In what follows, we first introduce the basics on DML in Section 2. Then we discuss how error-control coding can help with the straggler problem in Section 3, the random coding construction in Section 4, and coding for primal–dual-based DML (ADMM) in Section 5. Finally, conclusions and discussion for future works are given in Section 6.

2. Introduction of Distributed Machine Learning

In general, DML will have two steps: (1) Agents learn local models from local data, maybe combining with global models. This step may iterate multiple rounds, i.e., local iterations, to produce a local model. (2) With local models, agents will reach consensus. These two steps may also iterate multiple rounds, i.e., global iterations. There are also different methods to implement the two steps, for instance, the primal and primal–dual methods as mentioned above.
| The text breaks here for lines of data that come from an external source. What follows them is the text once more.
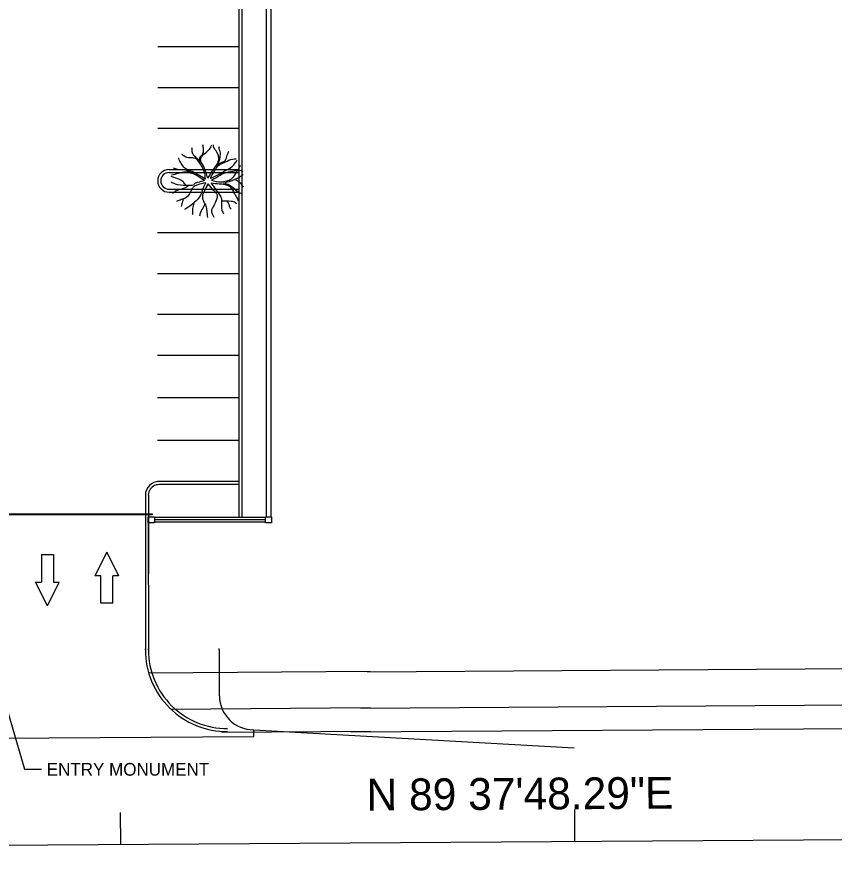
# Model space of a CAD drawing. Extents: x 6711323 to 6714641, y 1869258 to 1871224.
# Drawn here: x 6713129 to 6713309, y 1869589.4 to 1869774.5 of the extents above; entities that cross this region are included whole.
import ezdxf

# ---------------------------------------------------------------- set-up
doc = ezdxf.new("R2010")
doc.units = 0
for name, color, linetype in [('49 Planting', 7, 'Continuous'), ('Curb Gutter (21)', 7, 'Continuous'), ('Exist Utils (5)', 7, 'Continuous'), ('Front Align (17)', 7, 'Continuous'), ('Level 11', 7, 'Continuous'), ('Level 13', 7, 'Continuous'), ('Level 14', 7, 'Continuous'), ('Level 21', 7, 'Continuous'), ('Level 46', 7, 'Continuous'), ('Level 60', 7, 'Continuous'), ('Misc CnstDet(22)', 7, 'Continuous'), ('Nongeo Data(60)', 7, 'Continuous'), ('Profile Grid (9)', 7, 'Continuous'), ('Undefined (Lv19)', 7, 'Continuous'), ('Undefined (Lv26)', 7, 'Continuous')]:
    doc.layers.add(name, color=color, linetype=linetype)

msp = doc.modelspace()

# ---------------------------------------------------------------- linework, layer by layer
at = {"layer": '49 Planting'}
for p, q in [((6713122.22, 1869637.78), (6713130.69, 1869608.81)), ((6713130.69, 1869608.81), (6713134.46, 1869608.82))]:
    msp.add_line(p, q, dxfattribs=at)
at = {"layer": 'Curb Gutter (21)'}
for p, q in [((6713177.99, 1869664.24), (6713177.99, 1869903.09)), ((6713178.66, 1869664.24), (6713178.66, 1869903.12)), ((6713162.53, 1869740.86), (6713177.99, 1869740.86)), ((6713162.53, 1869735.86), (6713177.99, 1869735.86)), ((6713177.99, 1869672.16), (6713160.31, 1869672.16)), ((6713157.31, 1869663.67), (6713157.31, 1869635.09)), ((6713157.96, 1869663.72), (6713157.98, 1869635.09))]:
    msp.add_line(p, q, dxfattribs=at)
for centre, radius, end in [((6713162.53, 1869738.36), 2.5, 270), ((6713160.31, 1869669.16), 3, 180)]:
    msp.add_arc(centre, radius, 90, end, dxfattribs=at)
at = {"layer": 'Exist Utils (5)'}
msp.add_line((6713157.31, 1869669.19), (6713157.31, 1869651.86), dxfattribs=at)
at = {"layer": 'Front Align (17)'}
for p, q in [((6713178.03, 1869767.86), (6713160.03, 1869767.86)), ((6713178.03, 1869758.86), (6713160.03, 1869758.86)), ((6713178.03, 1869749.86), (6713160.03, 1869749.86)), ((6713177.99, 1869726.9), (6713159.99, 1869726.9)), ((6713177.99, 1869717.9), (6713159.99, 1869717.9)), ((6713177.99, 1869708.9), (6713159.99, 1869708.9)), ((6713177.99, 1869699.9), (6713159.99, 1869699.9)), ((6713177.99, 1869690.62), (6713159.99, 1869690.62)), ((6713177.99, 1869681.16), (6713159.99, 1869681.16)), ((6713177.99, 1869681.16), (6713159.99, 1869681.16)), ((6713177.99, 1869672.16), (6713159.99, 1869672.16))]:
    msp.add_line(p, q, dxfattribs=at)
at = {"layer": 'Level 11'}
for p, q in [((6713173.56, 1869635.09), (6713173.56, 1869624.94)), ((6713181.16, 1869617.49), (6713251.7, 1869613.53)), ((6713181.17, 1869615.99), (6713181.16, 1869617.49)), ((6712948.69, 1869614.49), (6713181.17, 1869615.99))]:
    msp.add_line(p, q, dxfattribs=at)
msp.add_arc((6713181.12, 1869624.99), 7.5, 180.3699, 270.2774, dxfattribs=at)
at = {"layer": 'Level 13'}
msp.add_line((6712709.06, 1869589.44), (6713820.2, 1869596.61), dxfattribs=at)
at = {"layer": 'Level 14'}
for points in [[(6713151.79, 1869599.3), (6713151.83, 1869592.3)], [(6713251.78, 1869599.95), (6713251.83, 1869592.95)]]:
    msp.add_lwpolyline(points, dxfattribs=at)
at = {"layer": 'Level 21'}
for p, q in [((6713173.56, 1869635.09), (6713173.56, 1869624.94)), ((6713181.16, 1869617.49), (6713251.7, 1869613.53)), ((6712948.69, 1869614.49), (6713181.17, 1869615.99)), ((6712948.69, 1869614.49), (6713181.17, 1869615.99))]:
    msp.add_line(p, q, dxfattribs=at)
msp.add_arc((6713181.12, 1869624.99), 7.5, 180.3699, 270.2774, dxfattribs=at)
at = {"layer": 'Level 46'}
for p, q in [((6713157.31, 1869635.09), (6713157.31, 1869635.32)), ((6713157.98, 1869635.09), (6713157.98, 1869635.32)), ((6713173.56, 1869635.09), (6713173.56, 1869635.42)), ((6713206.25, 1869630.28), (6713790.23, 1869633.99)), ((6713158.04, 1869630.02), (6713206.81, 1869630.37)), ((6713204.75, 1869622.27), (6713790.23, 1869625.99)), ((6713162.9, 1869622.06), (6713206.87, 1869622.37)), ((6713202.57, 1869617.07), (6713790.35, 1869620.81)), ((6713174.13, 1869616.97), (6713206.9, 1869617.18))]:
    msp.add_line(p, q, dxfattribs=at)
for radius in [18, 18, 17.33]:
    msp.add_arc((6713175.31, 1869635.09), radius, 180, 270.3648, dxfattribs=at)
at = {"layer": 'Level 60'}
msp.add_line((6713181.17, 1869615.99), (6713181.16, 1869617.49), dxfattribs=at)
at = {"layer": 'Misc CnstDet(22)'}
for p in [(6713183.79, 1869663.74), (6713176.47, 1869663.74)]:
    msp.add_line(p, (6713159.3, 1869663.74), dxfattribs=at)
msp.add_lwpolyline([(6713124.96, 1869665.07), (6713158.81, 1869665.07), (6713158.81, 1869664.82), (6713124.96, 1869664.82)], close=True, dxfattribs=at)
msp.add_lwpolyline([(6713124.96, 1869665.07), (6713158.81, 1869665.07), (6713158.81, 1869664.82), (6713124.96, 1869664.82)], close=True, dxfattribs=at)
at = {"layer": 'Nongeo Data(60)'}
for p, q in [((6713183.98, 1869664.41), (6713183.98, 1869902.46)), ((6713184.98, 1869664.41), (6713184.98, 1869902.48))]:
    msp.add_line(p, q, dxfattribs=at)
at = {"layer": 'Profile Grid (9)'}
for points in [[(6713169.36, 1869742.48), (6713168.65, 1869743.32), (6713167.74, 1869744.34), (6713167.61, 1869745.24), (6713167.55, 1869745.6)], [(6713169.23, 1869742.84), (6713169.42, 1869743.62), (6713169.55, 1869743.8), (6713169.94, 1869744.28), (6713170.14, 1869745.3), (6713169.94, 1869746.32)], [(6713171.04, 1869738.94), (6713170.66, 1869740.26), (6713169.94, 1869741.88), (6713169.49, 1869742.78), (6713169.68, 1869743.68), (6713170.2, 1869744.22), (6713171.17, 1869745.06), (6713171.69, 1869745.72), (6713171.95, 1869746.26)], [(6713171.04, 1869738.94), (6713172.28, 1869740.86), (6713173.44, 1869742.84), (6713173.44, 1869743.74), (6713173.05, 1869744.7), (6713172.4, 1869745.72), (6713172.28, 1869746.26)], [(6713173.05, 1869741.7), (6713173.57, 1869742.72), (6713173.77, 1869743.56), (6713173.77, 1869744.82), (6713173.57, 1869745.54), (6713173.64, 1869745.9)], [(6713170.53, 1869738.76), (6713168.4, 1869739.98), (6713166.76, 1869740.78), (6713165.99, 1869741.17), (6713165.21, 1869742.21), (6713164.69, 1869743.25), (6713164.69, 1869743.41)], [(6713170.53, 1869738.76), (6713170.27, 1869740.44), (6713169.62, 1869741.76), (6713168.84, 1869742.84), (6713168.32, 1869743.32), (6713168, 1869743.38), (6713167.16, 1869743.44), (6713166.44, 1869743.5), (6713165.6, 1869743.98), (6713165.34, 1869744.16)], [(6713171.63, 1869738.94), (6713172.73, 1869740.92), (6713173.25, 1869741.58), (6713174.02, 1869742.12), (6713175.32, 1869742.72), (6713176.94, 1869743.2), (6713177.33, 1869743.2)], [(6713173.05, 1869741.7), (6713174.02, 1869742.42), (6713174.74, 1869742.72), (6713175.06, 1869743.14), (6713175.45, 1869744.28), (6713175.71, 1869744.88)], [(6713171.63, 1869738.94), (6713174.01, 1869740.06), (6713175.05, 1869740.7), (6713175.82, 1869741.09), (6713177.03, 1869742.21), (6713177.55, 1869742.93)], [(6713171.85, 1869738.54), (6713174.01, 1869738.14), (6713175.22, 1869738.38), (6713176.25, 1869738.78), (6713177.2, 1869739.98), (6713177.89, 1869741.09), (6713178.24, 1869741.81)], [(6713167.54, 1869739.98), (6713166.24, 1869740.3), (6713164.52, 1869739.98), (6713163.05, 1869739.58)], [(6713170.3, 1869738.46), (6713168.92, 1869739.34), (6713167.19, 1869740.3), (6713165.9, 1869740.78), (6713164.43, 1869740.85), (6713163.48, 1869741.17)], [(6713171.85, 1869738.54), (6713173.75, 1869739.58), (6713174.87, 1869740.14), (6713175.91, 1869740.38), (6713176.86, 1869740.54), (6713178.41, 1869740.62), (6713178.76, 1869740.46)], [(6713174.53, 1869737.9), (6713176.17, 1869738.38), (6713177.2, 1869738.78), (6713178.24, 1869739.34), (6713178.84, 1869739.74)], [(6713166.24, 1869737.42), (6713165.64, 1869738.14), (6713163.83, 1869739.02), (6713162.97, 1869739.34)], [(6713170.3, 1869738.46), (6713168.75, 1869737.98), (6713168.14, 1869737.74), (6713167.88, 1869737.42), (6713167.37, 1869737.34), (6713166.16, 1869737.34), (6713163.91, 1869737.66), (6713162.97, 1869738.06)], [(6713170.56, 1869737.9), (6713168.83, 1869737.5), (6713168.14, 1869737.18), (6713167.62, 1869736.7), (6713167.19, 1869735.82), (6713166.33, 1869734.71), (6713165.21, 1869734.23), (6713164.17, 1869733.83)], [(6713170.56, 1869737.9), (6713169.95, 1869736.62), (6713169.44, 1869735.19), (6713168.49, 1869733.99), (6713167.02, 1869732.71), (6713165.9, 1869732.07)], [(6713171.08, 1869737.74), (6713170.3, 1869736.14), (6713169.87, 1869734.95), (6713170.13, 1869733.83), (6713170.65, 1869732.79), (6713170.82, 1869731.75), (6713170.99, 1869730.32)], [(6713171.08, 1869737.74), (6713172.28, 1869736.3), (6713172.89, 1869735.67), (6713173.15, 1869735.11), (6713172.97, 1869734.23), (6713172.37, 1869732.87), (6713171.85, 1869731.67), (6713172.11, 1869730.95), (6713172.37, 1869730.4)], [(6713171.77, 1869737.9), (6713173.58, 1869737.74), (6713174.87, 1869737.58), (6713175.82, 1869737.18), (6713176.43, 1869736.46), (6713176.94, 1869735.51), (6713177.38, 1869734.79), (6713177.72, 1869733.99)], [(6713171.77, 1869737.9), (6713172.28, 1869737.18), (6713173.32, 1869735.74), (6713173.92, 1869734.87), (6713174.1, 1869733.83), (6713174.18, 1869731.91), (6713174.53, 1869731.11)], [(6713174.53, 1869737.9), (6713175.74, 1869737.5), (6713176.68, 1869736.86), (6713177.72, 1869735.98), (6713178.5, 1869735.51)], [(6713177.2, 1869738.62), (6713177.72, 1869738.3), (6713178.58, 1869737.42), (6713178.84, 1869736.94)], [(6713166.76, 1869737.18), (6713165.3, 1869736.54), (6713164.09, 1869736.14), (6713163.31, 1869735.59)], [(6713165.73, 1869734.47), (6713165.47, 1869733.83), (6713165.21, 1869732.71)], [(6713174.1, 1869733.99), (6713176.17, 1869733.91), (6713177.12, 1869733.59), (6713177.38, 1869733.35)], [(6713175.22, 1869733.91), (6713175.65, 1869733.35), (6713175.82, 1869732.63), (6713176.17, 1869732.15)], [(6713167.97, 1869733.43), (6713167.71, 1869732.31), (6713167.71, 1869730.95)], [(6713170.39, 1869733.27), (6713170.13, 1869732.63), (6713169.44, 1869731.43), (6713169.26, 1869730.56)]]:
    msp.add_spline(points, degree=3, dxfattribs=at)
at = {"layer": 'Undefined (Lv19)'}
for p, q in [((6713162.53, 1869740.2), (6713177.99, 1869740.2)), ((6713162.53, 1869736.53), (6713177.99, 1869736.53)), ((6713177.99, 1869671.49), (6713160.31, 1869671.49)), ((6713157.98, 1869669.12), (6713158.2, 1869670.16)), ((6713157.98, 1869669.12), (6713157.98, 1869651.86)), ((6713148.8, 1869656.62), (6713146.2, 1869651.42)), ((6713148.8, 1869656.62), (6713151.41, 1869651.42)), ((6713134.45, 1869656.06), (6713137.05, 1869656.06)), ((6713134.45, 1869656.06), (6713134.45, 1869649.99)), ((6713137.05, 1869656.06), (6713137.05, 1869649.99)), ((6713147.5, 1869651.42), (6713146.2, 1869651.42)), ((6713147.5, 1869645.35), (6713147.5, 1869651.42)), ((6713150.11, 1869645.35), (6713150.11, 1869651.42)), ((6713151.41, 1869651.42), (6713150.11, 1869651.42)), ((6713133.15, 1869649.99), (6713134.45, 1869649.99)), ((6713135.75, 1869644.78), (6713133.15, 1869649.99)), ((6713135.75, 1869644.78), (6713138.36, 1869649.99)), ((6713137.05, 1869649.99), (6713138.36, 1869649.99)), ((6713150.11, 1869645.35), (6713147.5, 1869645.35))]:
    msp.add_line(p, q, dxfattribs=at)
for centre, radius, end in [((6713162.53, 1869738.36), 1.83, 270), ((6713160.31, 1869669.16), 2.33, 154.6231)]:
    msp.add_arc(centre, radius, 90, end, dxfattribs=at)
at = {"layer": 'Undefined (Lv26)'}
for p, q in [((6713157.96, 1869663.06), (6713157.96, 1869664.39)), ((6713157.96, 1869664.39), (6713159.3, 1869664.39)), ((6713157.96, 1869663.06), (6713157.96, 1869664.39)), ((6713157.96, 1869664.39), (6713159.3, 1869664.39)), ((6713159.3, 1869664.39), (6713159.3, 1869663.06)), ((6713159.3, 1869664.39), (6713159.3, 1869663.06)), ((6713176.47, 1869664.24), (6713159.3, 1869664.24)), ((6713183.79, 1869664.24), (6713159.3, 1869664.24)), ((6713183.79, 1869663.06), (6713183.79, 1869664.39)), ((6713183.79, 1869664.39), (6713185.12, 1869664.39)), ((6713185.12, 1869664.39), (6713185.12, 1869663.06)), ((6713159.3, 1869663.06), (6713157.96, 1869663.06)), ((6713159.3, 1869663.06), (6713157.96, 1869663.06)), ((6713176.47, 1869663.24), (6713159.3, 1869663.24)), ((6713183.79, 1869663.24), (6713159.3, 1869663.24)), ((6713185.12, 1869663.06), (6713183.79, 1869663.06))]:
    msp.add_line(p, q, dxfattribs=at)

# ---------------------------------------------------------------- texts
at = {"layer": '49 Planting'}
msp.add_text('ENTRY MONUMENT', height=2.8, rotation=0, dxfattribs=at).set_placement((6713135.59, 1869607.39))
at = {"layer": 'Level 14'}
msp.add_text('N 89 37\'48.29"E', height=7, rotation=0.3651, dxfattribs=at).set_placement((6713206.03, 1869599.7))

doc.saveas('drawing.dxf')

There are different ways to achieve consensus, for instance, through a central server, i.e., master–slave method or fully decentralized. For the former, the implementation is relatively straightforward. Yet, for the latter, there are also different approaches as will be discussed later on. For Step (1), the common local learning machine includes, for example, linear (polynomial) regressions, classification and neural networks. The common approach of these learning algorithms is to find the model parameters (e.g., weights in neural networks) that minimize the cost functions (such as mean-squared errors/L2 loss, hinge loss and cross-entropy loss). In general, convex cost functions should be chosen. For instance, for linear regression, we assume $x,y$ as the input and output of the training data, respectively, and w (normally a matrix or a vector) as the weight to be optimized. If the mean-squared error cost functions are used, then the learning machine works as

$$\underset{w}{min}{\Vert xw-y\Vert }^2.$$

(1)

To find the optimal w, one common approach is to use gradient descend, which is a first-order iterative optimization algorithm for finding a local minimum of a differentiable function. If the cost function is convex, then the local minimum is also the global minimum [33]. For instance, in the training process of neural networks, gradient descend is commonly used to find the optimized weight and bias iteratively. The gradient is found by partial derivative of cost functions relative to optimizing variables (weight and bias of training examples). For instance, for node i, the optimizing variables can be updated by

$$w_{t+1}^i=w_t^i-\gamma \nabla F(w_t^i,D_i),$$

(2)

where t is the iteration step index, $\gamma$ is the step size, $D_i$ is the data set (training samples) in node i, $F\left(w_t^i\right)$ is the cost function with current optimizing variables, and $\nabla F(w_t^i,D_i)$ denotes the gradients for given $(w_t^i,D_i)$ (by partial derivatives). The training process is normally performed in batches of data. $D_i$ can be further divided into subsets, e.g., N subsets, i.e., $D_i=\{D_i^1,D_i^2,\cdots ,D_i^N\}$. If subsets are exclusive, the gradients from different subsets are independent, i.e., $\nabla F(w_t^i,D_i)=\{\nabla F(w_t^i,D_i^1),\nabla F(w_t^i,D_i^2),\cdots ,\nabla F(w_t^i,D_i^N)\}$. However, in many DML systems, e.g., those based on MAPReduce file systems, or sensor nodes in neighboring areas, there may be overlapping data subsets, i.e., $D_i^k=D_j^n$ for certain $k,n$ and $i\ne j$. Therefore, there may be identical gradients in different nodes. These properties were recently exploited for coding. It it clear from (2) that for given gradients, the steps of finding optimal parameters are mainly linear matrix operations (matrix multiplications). Actually, in addition to neural networks, one core operation of many other learning algorithms is also matrix multiplications, such as regression, power-iteration-like algorithms, etc. [4]. Thus, one of the major coding schemes for DML is based on the matrix multiplication of the learning process [4,8,9,10,11,12,13,14,24,25]. Clearly, major coding schemes (forward error-control coding and network coding) are linear in terms of encoding and decoding operations, i.e., $C=M\times W$, where C, M and W are codeword (vectors), coding matrix and information message, respectively. Since both learning and coding operations are linear matrix operations, then the coding matrix and learning matrix can be jointly optimized. On the other hand, coding can be optimized to provide efficient and reliable information pipelines for DML systems. In such way, coding and DML matrices are separately optimized. Separate optimization actually has been widely studied for many years for existing systems due to the simpler design relative to joint design. There are many works in the literature on the separate optimization of learning systems and coding schemes. We will focus on joint design in this article.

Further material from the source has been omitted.